The lines to extract run from the start of the records through the line with "doc.units = 0", both ends included; drop the pictures.
>>>
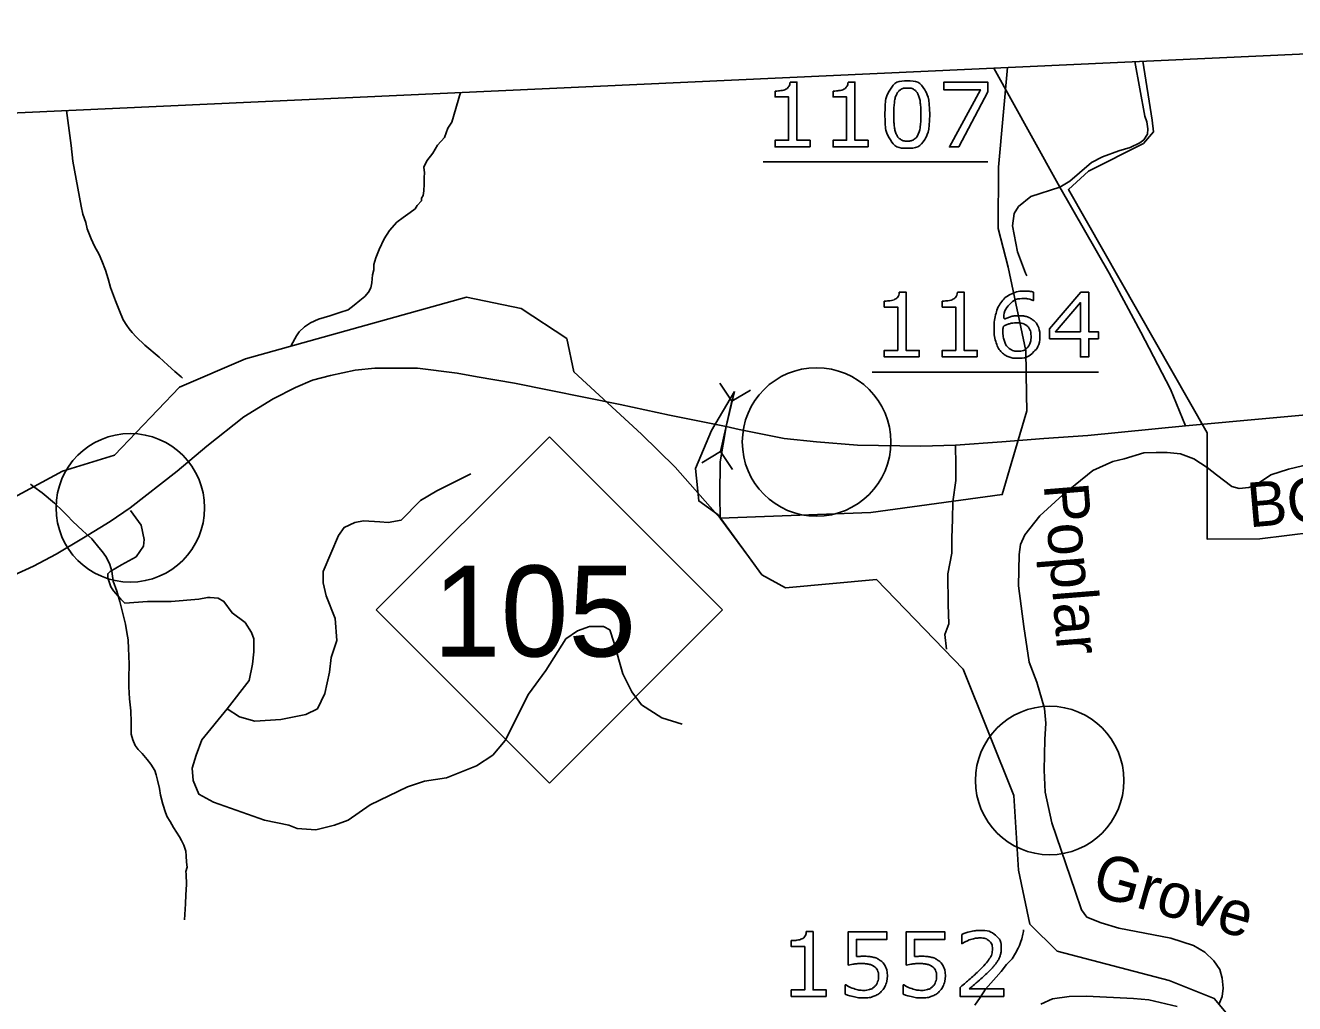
# Model space of a CAD drawing. Extents: x 1190067 to 1192950, y 891516 to 893460.
# Drawn here: x 1191031.1 to 1191116.5, y 893300.9 to 893366.8 of the extents above; entities that cross this region are included whole.
import ezdxf

# ---------------------------------------------------------------- set-up
doc = ezdxf.new("R2010")
doc.units = 0
doc.layers.add('Default', color=7, linetype='Continuous')
doc.layers.add('Prop DSN Text', color=7, linetype='Continuous')

msp = doc.modelspace()

# ---------------------------------------------------------------- linework, layer by layer
at = {"layer": 'Default'}
for p, q in [((1191080.749, 893357.59), (1191095.89, 893357.59)), ((1191088.097, 893343.45), (1191103.326, 893343.45)), ((1191077.831, 893342.691), (1191078.644, 893341.481)), ((1191079.896, 893342.228), (1191078.644, 893341.481)), ((1191077.886, 893338.094), (1191078.644, 893341.481)), ((1191054.716, 893327.442), (1191066.371, 893339.097)), ((1191066.371, 893339.097), (1191078.026, 893327.442)), ((1191076.634, 893337.347), (1191077.886, 893338.094)), ((1191078.699, 893336.885), (1191077.886, 893338.094)), ((1191066.371, 893315.787), (1191054.716, 893327.442)), ((1191078.026, 893327.442), (1191066.371, 893315.787))]:
    msp.add_line(p, q, dxfattribs=at)
for points in [[(1191100.737, 893355.891), (1191101.409, 893356.304), (1191102.049, 893356.862), (1191102.854, 893357.543), (1191103.608, 893357.936), (1191104.702, 893358.328), (1191105.466, 893358.556), (1191106.106, 893358.866), (1191106.375, 893359.072), (1191106.622, 893359.465), (1191106.655, 893359.81), (1191106.596, 893360.279), (1191106.456, 893360.666), (1191105.771, 893364.344)], [(1191106.306, 893364.369), (1191106.941, 893360.393)], [(1191096.286, 893363.91), (1191098.808, 893359.362), (1191100.737, 893355.891)], [(1191098.485, 893341.948), (1191098.43, 893344.879), (1191097.259, 893350.512), (1191096.585, 893353.108), (1191096.599, 893357.237), (1191097.214, 893363.953)], [(1191082.576, 893362.969), (1191083.029, 893362.969), (1191083.029, 893359.049), (1191083.916, 893359.049), (1191083.916, 893358.605)], [(1191086.48, 893362.969), (1191086.933, 893362.969), (1191086.933, 893359.049), (1191087.821, 893359.049), (1191087.821, 893358.605)], [(1191095.89, 893362.305), (1191093.924, 893358.605), (1191093.297, 893358.605), (1191095.386, 893362.444), (1191092.914, 893362.444), (1191092.914, 893362.955), (1191095.89, 893362.955), (1191095.89, 893362.305)], [(1191060.384, 893362.268), (1191059.792, 893360.277), (1191059.537, 893359.864), (1191059.309, 893359.24), (1191058.841, 893358.727), (1191058.511, 893358.176), (1191058.111, 893357.661), (1191057.924, 893357.246), (1191057.949, 893356.861), (1191057.94, 893356.545), (1191057.929, 893356.089), (1191057.915, 893355.635), (1191057.872, 893355.321), (1191057.763, 893355.149), (1191057.759, 893354.973), (1191057.47, 893354.666), (1191057.323, 893354.426), (1191057.002, 893354.187), (1191056.535, 893353.852), (1191056.108, 893353.547), (1191055.602, 893352.965), (1191055.236, 893352.415), (1191054.901, 893351.688), (1191054.676, 893351.134), (1191054.56, 893350.681), (1191054.549, 893350.332), (1191054.47, 893349.984), (1191054.42, 893349.46), (1191054.341, 893349.112), (1191054.196, 893348.835), (1191053.941, 893348.527), (1191053.618, 893348.256), (1191053.223, 893347.951), (1191052.832, 893347.646), (1191052.265, 893347.452), (1191051.594, 893347.224), (1191050.817, 893347), (1191050.286, 893346.768), (1191049.891, 893346.499), (1191049.533, 893346.16), (1191049.351, 893345.884), (1191048.982, 893345.229)], [(1191083.916, 893358.605), (1191081.562, 893358.605), (1191081.562, 893359.049), (1191082.468, 893359.049), (1191082.468, 893361.965), (1191081.562, 893361.965), (1191081.562, 893362.362)], [(1191087.821, 893358.605), (1191085.467, 893358.605), (1191085.467, 893359.049), (1191086.372, 893359.049), (1191086.372, 893361.965), (1191085.467, 893361.965), (1191085.467, 893362.362)], [(1191033.865, 893361.055), (1191034.183, 893358.693), (1191034.294, 893357.639), (1191034.843, 893354.613), (1191034.969, 893354.083), (1191035.163, 893353.518), (1191035.258, 893353.095), (1191035.52, 893352.422), (1191035.751, 893351.927), (1191036.051, 893351.358), (1191036.25, 893350.931), (1191036.478, 893350.296), (1191036.673, 893349.731), (1191036.833, 893349.129), (1191037.158, 893348.245), (1191037.42, 893347.572), (1191037.682, 893346.969), (1191037.915, 893346.578), (1191038.085, 893346.365), (1191038.29, 893346.113), (1191038.561, 893345.826), (1191039.14, 893345.252), (1191040.1, 893344.456), (1191040.68, 893343.914), (1191041.159, 893343.481), (1191041.572, 893343.119), (1191041.674, 893343.047)], [(1191106.941, 893360.393), (1191107.023, 893359.616), (1191106.37, 893358.84), (1191102.654, 893356.96), (1191101.306, 893355.734), (1191110.657, 893339.348)], [(1191100.737, 893355.891), (1191098.77, 893355.255), (1191097.945, 893354.589), (1191097.659, 893354.112), (1191097.532, 893353.287), (1191097.881, 893351.54), (1191098.421, 893350.111), (1191098.502, 893349.924)], [(1191100.737, 893355.891), (1191104.053, 893350.111), (1191106.18, 893346.141), (1191108.179, 893342.299), (1191109.194, 893339.822)], [(1191089.924, 893348.829), (1191090.377, 893348.829), (1191090.377, 893344.909), (1191091.265, 893344.909), (1191091.265, 893344.465)], [(1191093.829, 893348.829), (1191094.281, 893348.829), (1191094.281, 893344.909), (1191095.169, 893344.909), (1191095.169, 893344.465)], [(1191098.964, 893348.829), (1191098.964, 893348.268), (1191098.935, 893348.268)], [(1191103.326, 893345.69), (1191102.68, 893345.69), (1191102.68, 893344.465), (1191102.119, 893344.465), (1191102.119, 893345.69), (1191100.035, 893345.69), (1191100.035, 893346.362), (1191102.142, 893348.815), (1191102.68, 893348.815), (1191102.68, 893346.159), (1191103.326, 893346.159), (1191103.326, 893345.69)], [(1190953.417, 893329.319), (1190953.914, 893329.356), (1190959.137, 893331.201), (1190974.729, 893335.429), (1190977.391, 893336.524), (1190986.682, 893335.133), (1190992.126, 893331.346), (1190997.164, 893328.719), (1191000.962, 893329.045), (1191004.497, 893330.123), (1191008.574, 893329.869), (1191025.304, 893333.385), (1191030.029, 893334.842), (1191033.582, 893336.78), (1191037.099, 893337.859), (1191041.458, 893342.425), (1191045.902, 893344.347), (1191060.786, 893348.481), (1191064.46, 893347.731), (1191067.535, 893345.705), (1191068.023, 893343.455)], [(1191091.265, 893344.465), (1191088.91, 893344.465), (1191088.91, 893344.909), (1191089.816, 893344.909), (1191089.816, 893347.824), (1191088.91, 893347.824), (1191088.91, 893348.222)], [(1191095.169, 893344.465), (1191092.815, 893344.465), (1191092.815, 893344.909), (1191093.72, 893344.909), (1191093.72, 893347.824), (1191092.815, 893347.824), (1191092.815, 893348.222)], [(1191102.119, 893346.159), (1191102.119, 893348.123), (1191100.431, 893346.159), (1191102.119, 893346.159)], [(1191029.529, 893329.408), (1191031.632, 893330.388), (1191033.168, 893331.19), (1191035.016, 893332.281), (1191036.796, 893333.395), (1191038.154, 893334.308), (1191041.304, 893336.781), (1191043.307, 893338.451), (1191045.8, 893340.434), (1191047.781, 893341.636), (1191049.284, 893342.416), (1191050.419, 893342.906), (1191051.643, 893343.218), (1191053.29, 893343.574), (1191054.626, 893343.708), (1191057.497, 893343.708), (1191060.157, 893343.374), (1191061.515, 893343.129), (1191064.008, 893342.706), (1191071.142, 893341.258), (1191074.459, 893340.545), (1191078.265, 893339.788), (1191079.133, 893339.587), (1191082.171, 893338.986), (1191084.353, 893338.741), (1191087.113, 893338.518), (1191091.364, 893338.451), (1191093.697, 893338.532), (1191096.829, 893338.741), (1191099.656, 893338.986)], [(1191068.023, 893343.455), (1191072.576, 893339.274)], [(1191115.518, 893296.022), (1191111.126, 893301.279), (1191108.098, 893302.489), (1191100.556, 893304.478), (1191098.718, 893306.295), (1191097.946, 893309.931), (1191097.633, 893314.936), (1191094.219, 893323.448), (1191088.393, 893329.482), (1191082.251, 893328.915), (1191080.674, 893329.808), (1191077.718, 893333.831), (1191076.422, 893334.776), (1191076.196, 893336.963), (1191077.279, 893339.525), (1191078.821, 893342.14)], [(1191079.834, 893330.946), (1191077.862, 893333.617), (1191077.834, 893335.143), (1191077.854, 893337.403), (1191078.265, 893339.788), (1191078.821, 893342.14)], [(1191097.46, 893337.261), (1191098.505, 893340.827), (1191098.485, 893341.948)], [(1191109.194, 893339.822), (1191120.497, 893340.855)], [(1191120.497, 893340.855), (1191120.573, 893340.132), (1191120.413, 893339.686), (1191119.554, 893338.699), (1191118.345, 893337.648), (1191117.74, 893337.298), (1191117.072, 893337.138), (1191116.117, 893336.916), (1191114.94, 893336.533), (1191113.89, 893335.833), (1191113.444, 893335.674), (1191112.808, 893335.61), (1191112.299, 893335.737), (1191111.28, 893336.533), (1191110.657, 893337.027)], [(1191099.656, 893338.986), (1191102.604, 893339.183), (1191109.194, 893339.822)], [(1191072.576, 893339.274), (1191074.837, 893337.042), (1191077.862, 893333.617)], [(1191110.657, 893339.348), (1191110.657, 893332.196), (1191114.194, 893332.231), (1191117.823, 893332.68), (1191122.275, 893333.265), (1191124.459, 893333.504), (1191129.27, 893333.466), (1191131.311, 893332.609), (1191139.12, 893328.9), (1191146.35, 893325.622), (1191148.072, 893325.034), (1191151.86, 893323.614), (1191153.289, 893322.511), (1191154.596, 893319.896), (1191154.147, 893318.302), (1191154.162, 893317.632), (1191153.987, 893316.78), (1191154.637, 893315.564), (1191156.352, 893313.113), (1191155.821, 893316.218)], [(1191093.697, 893338.532), (1191093.726, 893337.17), (1191093.726, 893336.159), (1191093.532, 893334.72), (1191093.493, 893333.553), (1191093.454, 893332.269), (1191093.454, 893331.258), (1191093.182, 893329.857), (1191093.221, 893327.796), (1191093.26, 893326.512), (1191092.987, 893325.773), (1191093.104, 893324.801)], [(1191110.657, 893337.027), (1191109.744, 893337.616), (1191108.847, 893337.936), (1191107.949, 893338.032), (1191107.212, 893338.032), (1191106.379, 893338), (1191105.065, 893337.616), (1191104.296, 893337.423), (1191102.95, 893336.814), (1191100.931, 893335.178), (1191099.393, 893333.767), (1191098.368, 893332.485), (1191098.079, 893331.843), (1191097.983, 893331.17), (1191097.951, 893329.053), (1191098.304, 893326.328), (1191098.672, 893323.922), (1191099.185, 893322.576), (1191099.698, 893320.812), (1191099.794, 893319.818), (1191099.73, 893318.727), (1191099.665, 893316.643), (1191099.746, 893315.168), (1191100.194, 893313.115), (1191101.764, 893308.498), (1191102.197, 893307.247), (1191102.55, 893306.766), (1191103.511, 893306.381), (1191104.697, 893306.028), (1191108.19, 893305.355), (1191109.728, 893304.842), (1191110.497, 893304.393), (1191111.106, 893303.816), (1191111.49, 893303.238), (1191111.651, 893302.661), (1191111.715, 893301.988), (1191111.651, 893301.411), (1191111.458, 893300.93)], [(1191077.862, 893333.617), (1191088.007, 893333.998), (1191096.856, 893335.199), (1191097.46, 893337.261)], [(1191044.676, 893320.782), (1191045.496, 893320.235), (1191046.535, 893319.961), (1191048.286, 893320.071), (1191049.981, 893320.399), (1191050.747, 893320.782), (1191051.24, 893321.822), (1191051.568, 893323.245), (1191051.677, 893324.231), (1191052.06, 893325.38), (1191051.951, 893326.858), (1191051.349, 893328.391), (1191051.13, 893329.267), (1191051.13, 893330.033), (1191052.169, 893332.441), (1191052.552, 893332.989), (1191053.263, 893333.317), (1191053.865, 893333.427), (1191054.959, 893333.372), (1191055.506, 893333.317), (1191056.381, 893333.481), (1191057.694, 893334.795), (1191058.788, 893335.452), (1191061.086, 893336.601)], [(1191041.808, 893306.582), (1191041.873, 893307.665), (1191041.889, 893308.261), (1191041.943, 893308.961), (1191041.925, 893309.661), (1191041.898, 893309.836), (1191041.974, 893310.116), (1191041.948, 893310.466), (1191041.925, 893310.888), (1191041.898, 893311.204), (1191041.769, 893311.593), (1191041.602, 893311.912), (1191041.469, 893312.16), (1191041.066, 893312.802), (1191040.832, 893313.193), (1191040.631, 893313.515), (1191040.533, 893313.798), (1191040.337, 893314.363), (1191040.178, 893314.962), (1191040.12, 893315.42), (1191039.996, 893315.983), (1191039.899, 893316.337), (1191039.804, 893316.62), (1191039.535, 893317.045), (1191039.298, 893317.368), (1191038.959, 893317.763), (1191038.687, 893318.05), (1191038.482, 893318.301), (1191038.319, 893318.691), (1191038.224, 893319.077), (1191038.211, 893319.882), (1191038.197, 893320.654), (1191038.112, 893321.461), (1191038.064, 893322.268), (1191038.048, 893322.9), (1191038.069, 893323.74), (1191038.051, 893324.369), (1191038.03, 893324.827), (1191038.01, 893325.423), (1191037.919, 893325.914), (1191037.829, 893326.478), (1191037.45, 893327.994), (1191037.257, 893328.699), (1191036.995, 893329.372), (1191036.91, 893330.041), (1191036.781, 893330.498), (1191036.648, 893330.784), (1191036.516, 893331.031), (1191036.279, 893331.352), (1191036.042, 893331.641), (1191035.566, 893332.214), (1191034.951, 893332.756), (1191034.269, 893333.405), (1191033.93, 893333.764), (1191033.623, 893334.087), (1191033.042, 893334.629), (1191032.218, 893335.316), (1191031.669, 893335.716), (1191031.429, 893335.897)], [(1191038.166, 893334.138), (1191038.877, 893333.153), (1191039.096, 893332.168), (1191039.041, 893331.73), (1191038.549, 893331.018), (1191037.565, 893330.471), (1191036.799, 893330.033), (1191036.635, 893329.869), (1191036.635, 893329.595), (1191036.853, 893328.993), (1191037.018, 893328.719), (1191037.51, 893328.172), (1191037.783, 893327.898), (1191039.315, 893328.008), (1191040.901, 893328.008), (1191042.761, 893328.172), (1191043.363, 893328.281), (1191043.527, 893328.281), (1191044.074, 893328.227), (1191044.457, 893328.008), (1191045.004, 893327.241), (1191045.879, 893326.584), (1191046.317, 893325.928), (1191046.481, 893325.49), (1191046.481, 893324.614), (1191046.371, 893323.793), (1191046.152, 893322.698), (1191044.676, 893320.782), (1191042.98, 893318.702), (1191042.597, 893317.662), (1191042.323, 893316.786), (1191042.378, 893315.965), (1191042.761, 893315.035), (1191043.746, 893314.487), (1191047.192, 893313.283), (1191048.833, 893312.955), (1191049.38, 893312.736), (1191050.638, 893312.626), (1191051.896, 893312.955), (1191052.826, 893313.283), (1191054.303, 893314.323), (1191056.819, 893315.527), (1191057.968, 893315.911), (1191059.445, 893316.129), (1191061.468, 893316.951), (1191062.562, 893317.662), (1191063.383, 893318.647), (1191064.969, 893321.767), (1191066.118, 893323.355), (1191067.485, 893325.49), (1191068.251, 893326.037), (1191069.072, 893326.311), (1191069.783, 893326.311), (1191070.002, 893326.311), (1191070.439, 893326.092), (1191070.713, 893325.271), (1191071.314, 893323.136), (1191071.916, 893321.932), (1191072.573, 893321.056), (1191073.94, 893320.18), (1191075.308, 893319.742)], [(1191115.518, 893296.022), (1191111.126, 893301.279), (1191108.098, 893302.489), (1191100.556, 893304.478), (1191098.718, 893306.295), (1191097.946, 893309.931), (1191097.633, 893314.936), (1191094.219, 893323.448), (1191088.393, 893329.482), (1191082.251, 893328.915), (1191080.674, 893329.808), (1191079.834, 893330.946)], [(1191083.661, 893305.783), (1191084.114, 893305.783), (1191084.114, 893301.863), (1191085.002, 893301.863), (1191085.002, 893301.419)], [(1191086.474, 893303.528), (1191086.474, 893305.769), (1191089.091, 893305.769), (1191089.091, 893305.257), (1191087.035, 893305.257), (1191087.035, 893304.101)], [(1191090.379, 893303.528), (1191090.379, 893305.769), (1191092.996, 893305.769), (1191092.996, 893305.257), (1191090.94, 893305.257), (1191090.94, 893304.101)], [(1191094.153, 893304.977), (1191094.124, 893304.977), (1191094.124, 893305.59)], [(1191094.996, 893300.835), (1191095.358, 893301.352), (1191095.724, 893301.901), (1191096.087, 893302.311), (1191096.447, 893302.722), (1191096.772, 893303.099), (1191097.136, 893303.578), (1191097.531, 893303.953), (1191097.752, 893304.334), (1191097.935, 893304.678), (1191098.012, 893304.852), (1191098.086, 893305.06), (1191098.163, 893305.302), (1191098.242, 893305.615), (1191098.281, 893305.79), (1191098.285, 893305.895)], [(1191085.002, 893301.419), (1191082.648, 893301.419), (1191082.648, 893301.863), (1191083.553, 893301.863), (1191083.553, 893304.778), (1191082.648, 893304.778), (1191082.648, 893305.176)], [(1191086.286, 893301.58), (1191086.286, 893302.196), (1191086.327, 893302.196)], [(1191090.191, 893301.58), (1191090.191, 893302.196), (1191090.232, 893302.196)], [(1191096.965, 893301.419), (1191094.017, 893301.419), (1191094.017, 893302.034)], [(1191094.622, 893301.923), (1191096.965, 893301.923), (1191096.965, 893301.419)], [(1191108.638, 893300.737), (1191106.716, 893301.186), (1191105.69, 893301.282), (1191102.518, 893301.443), (1191101.364, 893301.411), (1191100.242, 893301.25), (1191099.441, 893300.898)]]:
    msp.add_lwpolyline(points, dxfattribs=at)
for points in [[(1191081.562, 893362.362), (1191081.746, 893362.362), (1191081.956, 893362.393), (1191082.167, 893362.424), (1191082.275, 893362.482), (1191082.409, 893362.555), (1191082.487, 893362.667), (1191082.564, 893362.78), (1191082.576, 893362.969)], [(1191085.467, 893362.362), (1191085.651, 893362.362), (1191085.861, 893362.393), (1191086.071, 893362.424), (1191086.18, 893362.482), (1191086.314, 893362.555), (1191086.391, 893362.667), (1191086.469, 893362.78), (1191086.48, 893362.969)], [(1191091.967, 893360.783), (1191091.967, 893359.61), (1191091.601, 893359.061), (1191091.234, 893358.513), (1191090.463, 893358.513), (1191089.681, 893358.513), (1191089.32, 893359.069), (1191088.959, 893359.625), (1191088.959, 893360.777), (1191088.959, 893361.939), (1191089.324, 893362.493), (1191089.69, 893363.048), (1191090.463, 893363.048), (1191091.246, 893363.048), (1191091.607, 893362.484), (1191091.967, 893361.921), (1191091.967, 893360.783)], [(1191091.199, 893359.455), (1191091.301, 893359.692), (1191091.338, 893360.012), (1191091.374, 893360.333), (1191091.374, 893360.783), (1191091.374, 893361.228), (1191091.338, 893361.555), (1191091.301, 893361.883), (1191091.196, 893362.111), (1191091.094, 893362.337), (1191090.917, 893362.451), (1191090.741, 893362.565), (1191090.463, 893362.565), (1191090.189, 893362.565), (1191090.009, 893362.451), (1191089.83, 893362.337), (1191089.725, 893362.105), (1191089.625, 893361.889), (1191089.589, 893361.541), (1191089.553, 893361.193), (1191089.553, 893360.777), (1191089.553, 893360.321), (1191089.585, 893360.014), (1191089.617, 893359.707), (1191089.722, 893359.464), (1191089.818, 893359.236), (1191089.995, 893359.116), (1191090.171, 893358.996), (1191090.463, 893358.996), (1191090.738, 893358.996), (1191090.919, 893359.11), (1191091.1, 893359.224), (1191091.199, 893359.455)], [(1191088.91, 893348.222), (1191089.094, 893348.222), (1191089.305, 893348.253), (1191089.515, 893348.283), (1191089.623, 893348.342), (1191089.757, 893348.415), (1191089.835, 893348.527), (1191089.912, 893348.64), (1191089.924, 893348.829)], [(1191092.815, 893348.222), (1191092.999, 893348.222), (1191093.209, 893348.253), (1191093.42, 893348.283), (1191093.528, 893348.342), (1191093.662, 893348.415), (1191093.739, 893348.527), (1191093.817, 893348.64), (1191093.829, 893348.829)], [(1191099.386, 893345.875), (1191099.386, 893345.211), (1191098.95, 893344.792), (1191098.513, 893344.373), (1191097.879, 893344.373), (1191097.558, 893344.373), (1191097.295, 893344.472), (1191097.032, 893344.572), (1191096.83, 893344.767), (1191096.579, 893345.01), (1191096.443, 893345.41), (1191096.308, 893345.811), (1191096.308, 893346.375), (1191096.308, 893346.953), (1191096.432, 893347.4), (1191096.556, 893347.848), (1191096.828, 893348.195), (1191097.085, 893348.526), (1191097.491, 893348.711), (1191097.897, 893348.897), (1191098.438, 893348.897), (1191098.61, 893348.897), (1191098.727, 893348.882), (1191098.844, 893348.867), (1191098.964, 893348.829)], [(1191098.935, 893348.268), (1191098.853, 893348.313), (1191098.688, 893348.353), (1191098.523, 893348.393), (1191098.351, 893348.393), (1191097.724, 893348.393), (1191097.35, 893348), (1191096.976, 893347.607), (1191096.915, 893346.938), (1191097.16, 893347.087), (1191097.398, 893347.165), (1191097.636, 893347.242), (1191097.948, 893347.242), (1191098.225, 893347.242), (1191098.437, 893347.191), (1191098.648, 893347.14), (1191098.87, 893346.985), (1191099.127, 893346.807), (1191099.256, 893346.535), (1191099.386, 893346.263), (1191099.386, 893345.875)], [(1191098.793, 893345.849), (1191098.793, 893346.12), (1191098.713, 893346.298), (1191098.633, 893346.476), (1191098.449, 893346.607), (1191098.315, 893346.701), (1191098.152, 893346.73), (1191097.988, 893346.759), (1191097.811, 893346.759), (1191097.563, 893346.759), (1191097.35, 893346.701), (1191097.137, 893346.642), (1191096.912, 893346.52), (1191096.906, 893346.456), (1191096.904, 893346.396), (1191096.901, 893346.336), (1191096.901, 893346.246), (1191096.901, 893345.785), (1191096.995, 893345.518), (1191097.09, 893345.251), (1191097.256, 893345.097), (1191097.391, 893344.968), (1191097.547, 893344.908), (1191097.703, 893344.849), (1191097.886, 893344.849), (1191098.309, 893344.849), (1191098.551, 893345.107), (1191098.793, 893345.365), (1191098.793, 893345.849)], [(1191082.648, 893305.176), (1191082.832, 893305.176), (1191083.042, 893305.206), (1191083.252, 893305.237), (1191083.361, 893305.295), (1191083.495, 893305.368), (1191083.572, 893305.481), (1191083.65, 893305.593), (1191083.661, 893305.783)], [(1191094.017, 893302.034), (1191094.325, 893302.297), (1191094.634, 893302.559), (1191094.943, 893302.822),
<<<
*ANSWER TO THIS TASK*:
# Model space of a CAD drawing. Extents: x 1190067 to 1192950, y 891516 to 893460.
# Drawn here: x 1191031.1 to 1191116.5, y 893300.9 to 893366.8 of the extents above; entities that cross this region are included whole.
import ezdxf

# ---------------------------------------------------------------- set-up
doc = ezdxf.new("R2010")
doc.units = 0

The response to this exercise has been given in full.